The Twelve Tasks of Heracles opens with Heracles "sobbing", having killed his family. The narrator explains that Zeus was not a good husband, and that that is what lies behind Hera wanting to make Heracles suffer. Heracles is depicted kneeling in prayer before a statue of his father, Zeus. Zeus agrees to forgive him if you can prove your strength, courage and determination. Iolaus accompanies Heracles against the Hydra. Although he is referred to as Heracles' "nephew'" following the mythical tradition, Iolaus is depicted as a young man of a similar age to Heracles; this is a contrast to his typical depiction in antiquity as a significantly younger person, and was perhaps chosen in order to present them more as friends than as mentor/mentee or erastes/eromenos, with the friend dynamic more likely to maintain Heracles' relatable quality for the young reader. The illustration depicting the return of Heracles with the Erymanthian boar depicts Eurystheus hiding in a vase, an image derived from Greek vase paintings of this scene. The section Heracles and the Women ends with Heracles fighting his way to the beach, but there is no reference to fatalities or any harm done to Hippolyta. This allows for an action-packed narrative without emphasis on violence or harm being done to the Amazons. The story of Prometheus is told in brief when Heracles visits him to find the location of the Garden of the Hesperides. Heracles obtains a singular red apple, a change from the more typically plural golden apples. Charon is depicted as a skull-headed figure in a long, dark, hooded gown. Zeus announces Heracles forgiven on completion of the final task. Over the course of the labours, the illustrations show Heracles changing from beardless youth to a bearded man, helping to reinforce the idea of him proving his masculinity and coming of age. A final section summarises the snakes in the cradle story; Heracles' participation in the adventures of Jason and the Argonauts, and explains that Legend says that when Heracles died, he became a god. This is a likable Heracles who works hard and remains 'strong, brave, and cheerful'. His story is told at such length that young readers get a very thorough account of who Heracles is as a mythical figure.
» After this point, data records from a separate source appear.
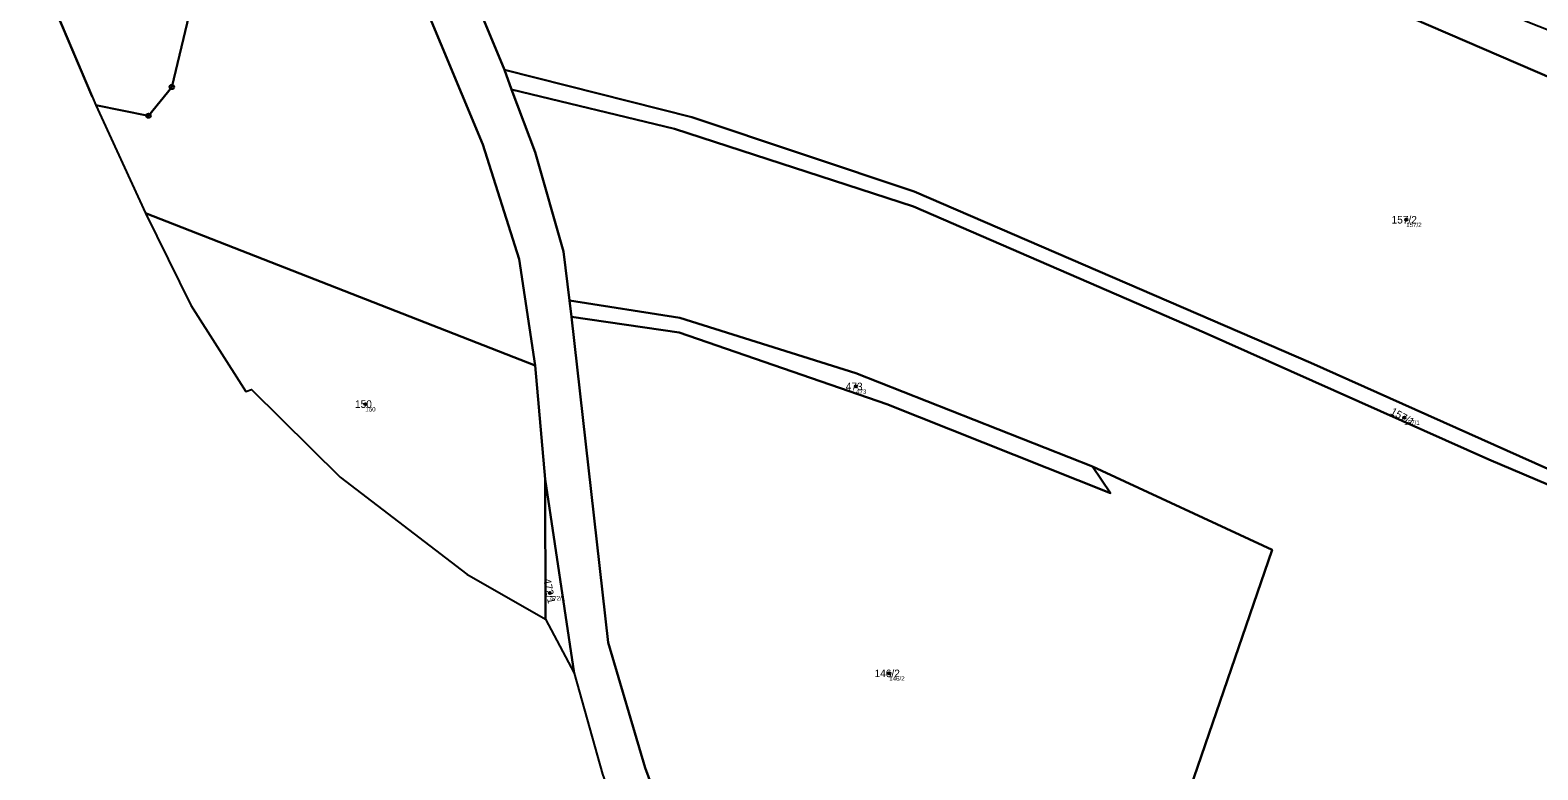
# Model space of a CAD drawing. Extents: x -700238 to -698499, y -1070626 to -1068006.
# Drawn here: x -700154.3 to -699815.7, y -1068498.7 to -1068332.5 of the extents above; entities that cross this region are included whole.
import ezdxf

# ---------------------------------------------------------------- set-up
doc = ezdxf.new("R2010")
doc.units = 0
for name, color, linetype in [('Definiční body', 7, 'Continuous'), ('Hranice parcel', 7, 'Continuous'), ('Parcelní čísla', 7, 'Continuous'), ('Polygon ku', 7, 'Continuous'), ('Polygon parcely', 7, 'Continuous'), ('Značky bodu BP', 7, 'Continuous')]:
    doc.layers.add(name, color=color, linetype=linetype)

msp = doc.modelspace()

# ---------------------------------------------------------------- linework, layer by layer
at = {"layer": 'Definiční body'}
for centre in [(-699845.24, -1068375.11994), (-699968.82, -1068412.55994), (-700079.04, -1068416.52994), (-699845.67, -1068419.54994), (-700037.61, -1068458.93994), (-699961.37, -1068476.99994)]:
    msp.add_circle(centre, 0.25, dxfattribs=at)
at = {"layer": 'Hranice parcel'}
for p, q in [((-700140.37, -1068347.45), (-700154.33, -1068314.6)), ((-700046.18, -1068345.86), (-700047.78, -1068341.46)), ((-700140.37, -1068347.45), (-700139.55, -1068349.38)), ((-700139.55, -1068349.38), (-700128.39, -1068373.62)), ((-700128.39, -1068373.62), (-700040.88, -1068407.88)), ((-700033.18, -1068393.26), (-700032.77, -1068396.95)), ((-700040.88, -1068407.88), (-700038.62, -1068433.4)), ((-700032.11, -1068476.97), (-700038.62, -1068433.4)), ((-700038.62, -1068433.4), (-700038.61, -1068464.81)), ((-700038.61, -1068464.81), (-700032.11, -1068476.97))]:
    msp.add_line(p, q, dxfattribs=at)
for points in [[(-700047.78, -1068341.46), (-700079.51, -1068265.19), (-700089.79, -1068219.21)], [(-699627.99, -1068411.98), (-699659.02, -1068402.7), (-699710.69, -1068385.66), (-699740.56, -1068374.38), (-699875.66, -1068316.05), (-699927.93, -1068294.45), (-700000.63, -1068259.75), (-700062.96, -1068229.76), (-700089.79, -1068219.21)], [(-700095.19, -1068243.17), (-700097.88, -1068242.45), (-700122.52, -1068345.31), (-700127.75, -1068351.76), (-700139.55, -1068349.38)], [(-700040.88, -1068407.88), (-700044.5, -1068383.96), (-700052.63, -1068358.24), (-700085.32, -1068279.92), (-700095.19, -1068243.17)], [(-699655.97, -1068487.17), (-699746.59, -1068459.53), (-699790, -1068441.55), (-699866.66, -1068407.29), (-699955.8, -1068368.76), (-700005.69, -1068352.12), (-700047.78, -1068341.46)], [(-700046.18, -1068345.86), (-700040.87, -1068359.92), (-700034.51, -1068382.29), (-700033.18, -1068393.26)], [(-699657.18, -1068490.6), (-699745.37, -1068463.45), (-699826.68, -1068428.95), (-699890.63, -1068400.44), (-699955.93, -1068372.18), (-700009.61, -1068354.69), (-700046.18, -1068345.86)], [(-700128.39, -1068373.62), (-700118.25, -1068394.29), (-700105.87, -1068413.73)], [(-700033.18, -1068393.26), (-700008.42, -1068397.14), (-699968.89, -1068409.59), (-699915.7, -1068430.51)], [(-699915.7, -1068430.51), (-699911.65, -1068436.52), (-699961.88, -1068416.53), (-700008.52, -1068400.47), (-700032.77, -1068396.95)], [(-700032.77, -1068396.95), (-700024.51, -1068470.1), (-700016.2, -1068498.25), (-700009.96, -1068515.01), (-699998.59, -1068537.76), (-699993.45, -1068545.35)], [(-700105.87, -1068413.73), (-700104.64, -1068413.25), (-700084.73, -1068432.94), (-700056.23, -1068454.74), (-700038.61, -1068464.81)], [(-699915.7, -1068430.51), (-699875.35, -1068449.22), (-699911.29, -1068553.85)], [(-700032.11, -1068476.97), (-700025.78, -1068499.64), (-700016.98, -1068523.96)]]:
    msp.add_lwpolyline(points, dxfattribs=at)
at = {"layer": 'Polygon ku'}
msp.add_lwpolyline([(-700154.33, -1068314.6), (-700140.37, -1068347.45), (-700139.55, -1068349.38), (-700128.39, -1068373.62), (-700118.25, -1068394.29), (-700105.87, -1068413.73), (-700104.64, -1068413.25), (-700084.73, -1068432.94), (-700056.23, -1068454.74), (-700038.61, -1068464.81), (-700032.11, -1068476.97), (-700025.78, -1068499.64)], dxfattribs=at)
at = {"layer": 'Polygon parcely'}
for points in [[(-699708.94, -1068373.65), (-699817.93, -1068330.74), (-699901.99, -1068293.89), (-700054.94, -1068220), (-700092.18, -1068203.16), (-700089.79, -1068219.21), (-700062.96, -1068229.76), (-700000.63, -1068259.75), (-699927.93, -1068294.45), (-699875.66, -1068316.05), (-699740.56, -1068374.38), (-699710.69, -1068385.66), (-699659.02, -1068402.7), (-699627.99, -1068411.98), (-699623.95, -1068401.12)], [(-700000.63, -1068259.75), (-700062.96, -1068229.76), (-700089.79, -1068219.21), (-700079.51, -1068265.19), (-700047.78, -1068341.46), (-700005.69, -1068352.12), (-699955.8, -1068368.76), (-699866.66, -1068407.29), (-699790, -1068441.55), (-699746.59, -1068459.53), (-699655.97, -1068487.17), (-699627.99, -1068411.98), (-699659.02, -1068402.7), (-699710.69, -1068385.66), (-699740.56, -1068374.38), (-699875.66, -1068316.05), (-699927.93, -1068294.45)], [(-700044.5, -1068383.96), (-700052.63, -1068358.24), (-700085.32, -1068279.92), (-700095.19, -1068243.17), (-700097.88, -1068242.45), (-700122.52, -1068345.31), (-700127.75, -1068351.76), (-700139.55, -1068349.38), (-700128.39, -1068373.62), (-700040.88, -1068407.88)], [(-700047.78, -1068341.46), (-700046.18, -1068345.86), (-700009.61, -1068354.69), (-699955.93, -1068372.18), (-699890.63, -1068400.44), (-699826.68, -1068428.95), (-699745.37, -1068463.45), (-699657.18, -1068490.6), (-699655.97, -1068487.17), (-699746.59, -1068459.53), (-699790, -1068441.55), (-699866.66, -1068407.29), (-699955.8, -1068368.76), (-700005.69, -1068352.12)], [(-699955.93, -1068372.18), (-700009.61, -1068354.69), (-700046.18, -1068345.86), (-700040.87, -1068359.92), (-700034.51, -1068382.29), (-700033.18, -1068393.26), (-700008.42, -1068397.14), (-699968.89, -1068409.59), (-699915.7, -1068430.51), (-699875.35, -1068449.22), (-699911.29, -1068553.85), (-699895.28, -1068555.81), (-699839.16, -1068564.86), (-699779.49, -1068577.34), (-699695.89, -1068598.19), (-699684.13, -1068602.07), (-699680.08, -1068567.69), (-699671.14, -1068527.69), (-699657.18, -1068490.6), (-699745.37, -1068463.45), (-699826.68, -1068428.95), (-699890.63, -1068400.44)], [(-700105.87, -1068413.73), (-700104.64, -1068413.25), (-700084.73, -1068432.94), (-700056.23, -1068454.74), (-700038.61, -1068464.81), (-700038.62, -1068433.4), (-700040.88, -1068407.88), (-700128.39, -1068373.62), (-700118.25, -1068394.29)], [(-700033.18, -1068393.26), (-700032.77, -1068396.95), (-700008.52, -1068400.47), (-699961.88, -1068416.53), (-699911.65, -1068436.52), (-699915.7, -1068430.51), (-699968.89, -1068409.59), (-700008.42, -1068397.14)], [(-700032.77, -1068396.95), (-700024.51, -1068470.1), (-700016.2, -1068498.25), (-700009.96, -1068515.01), (-699998.59, -1068537.76), (-699993.45, -1068545.35), (-699911.29, -1068553.85), (-699875.35, -1068449.22), (-699915.7, -1068430.51), (-699911.65, -1068436.52), (-699961.88, -1068416.53), (-700008.52, -1068400.47)], [(-700038.62, -1068433.4), (-700038.61, -1068464.81), (-700032.11, -1068476.97)]]:
    msp.add_lwpolyline(points, close=True, dxfattribs=at)
for points in [[(-700154.33, -1068314.6), (-700140.37, -1068347.45), (-700139.55, -1068349.38), (-700127.75, -1068351.76), (-700122.52, -1068345.31), (-700097.88, -1068242.45)], [(-700009.96, -1068515.01), (-700016.2, -1068498.25), (-700024.51, -1068470.1), (-700032.77, -1068396.95), (-700033.18, -1068393.26), (-700034.51, -1068382.29), (-700040.87, -1068359.92), (-700046.18, -1068345.86), (-700047.78, -1068341.46), (-700079.51, -1068265.19)], [(-700085.32, -1068279.92), (-700052.63, -1068358.24), (-700044.5, -1068383.96), (-700040.88, -1068407.88), (-700038.62, -1068433.4), (-700032.11, -1068476.97), (-700025.78, -1068499.64)]]:
    msp.add_lwpolyline(points, dxfattribs=at)
at = {"layer": 'Značky bodu BP'}
for centre, radius in [((-700122.52, -1068345.30988), 0.5), ((-700122.52, -1068345.30988), 0.0303), ((-700127.75, -1068351.75988), 0.5), ((-700127.75, -1068351.75988), 0.0303)]:
    msp.add_circle(centre, radius, dxfattribs=at)

# ---------------------------------------------------------------- texts
at = {"layer": 'Definiční body'}
for s, p in [('157/2', (-699845.24, -1068376.776)), ('473', (-699968.82, -1068414.216)), ('150', (-700079.04, -1068418.186)), ('157/1', (-699845.67, -1068421.206)), ('472/1', (-700037.61, -1068460.596)), ('146/2', (-699961.37, -1068478.656))]:
    msp.add_text(s, height=0.999996, dxfattribs=at).set_placement(p)
at = {"layer": 'Parcelní čísla'}
for s, p in [('157/2', (-699848.538, -1068375.97)), ('473', (-699971.145, -1068413.41)), ('150', (-700081.365, -1068417.38)), ('146/2', (-699964.668, -1068477.85))]:
    msp.add_text(s, height=1.699998, dxfattribs=at).set_placement(p)
for s, rotation, p in [('157/1', 331, (-699848.967, -1068418.694)), ('472/1', 281, (-700039.073, -1068455.864))]:
    msp.add_text(s, height=1.699998, rotation=rotation, dxfattribs=at).set_placement(p)

doc.saveas('drawing.dxf')

Perseus and the Gorgon opens with complaints about the sea-monster, Cetus. Andromeda will be sacrificed; the royal family are grief-stricken; none of them knew that help was on the way – and from a surprising young man. Perseus is then introduced, helping to protect his mother (who is illustrated as the same age as him) from the unwanted attention of a king. Perseus promises to fetch the king Medusa's head if he will leave his mother alone, although he tells his mother that he will use the head to kill the king. An illustration shows Perseus imagining Medusa; she appears with snakes for hair and a snake body, as per the influential 1981 film, Clash of the Titans. This is also how Medusa is depicted when she appears in the story later on; she "slithered" around her cave. Perseus falls in love with Andromeda when he sees her, from a distance, about to be sacrificed. Perseus uses Medusa's head to defeat the sea-monster. Andromeda and her father invite Perseus to come back soon. Although the reader is left in no doubt that Perseus will return to Andromeda, the story actually ends with him saving his mother by killing the evil king and thus proving his worth by remembering his duty. The unusual device of opening the story with Andromeda works well as it sets up that part of the story effectively rather than it appearing as an add-on at the end.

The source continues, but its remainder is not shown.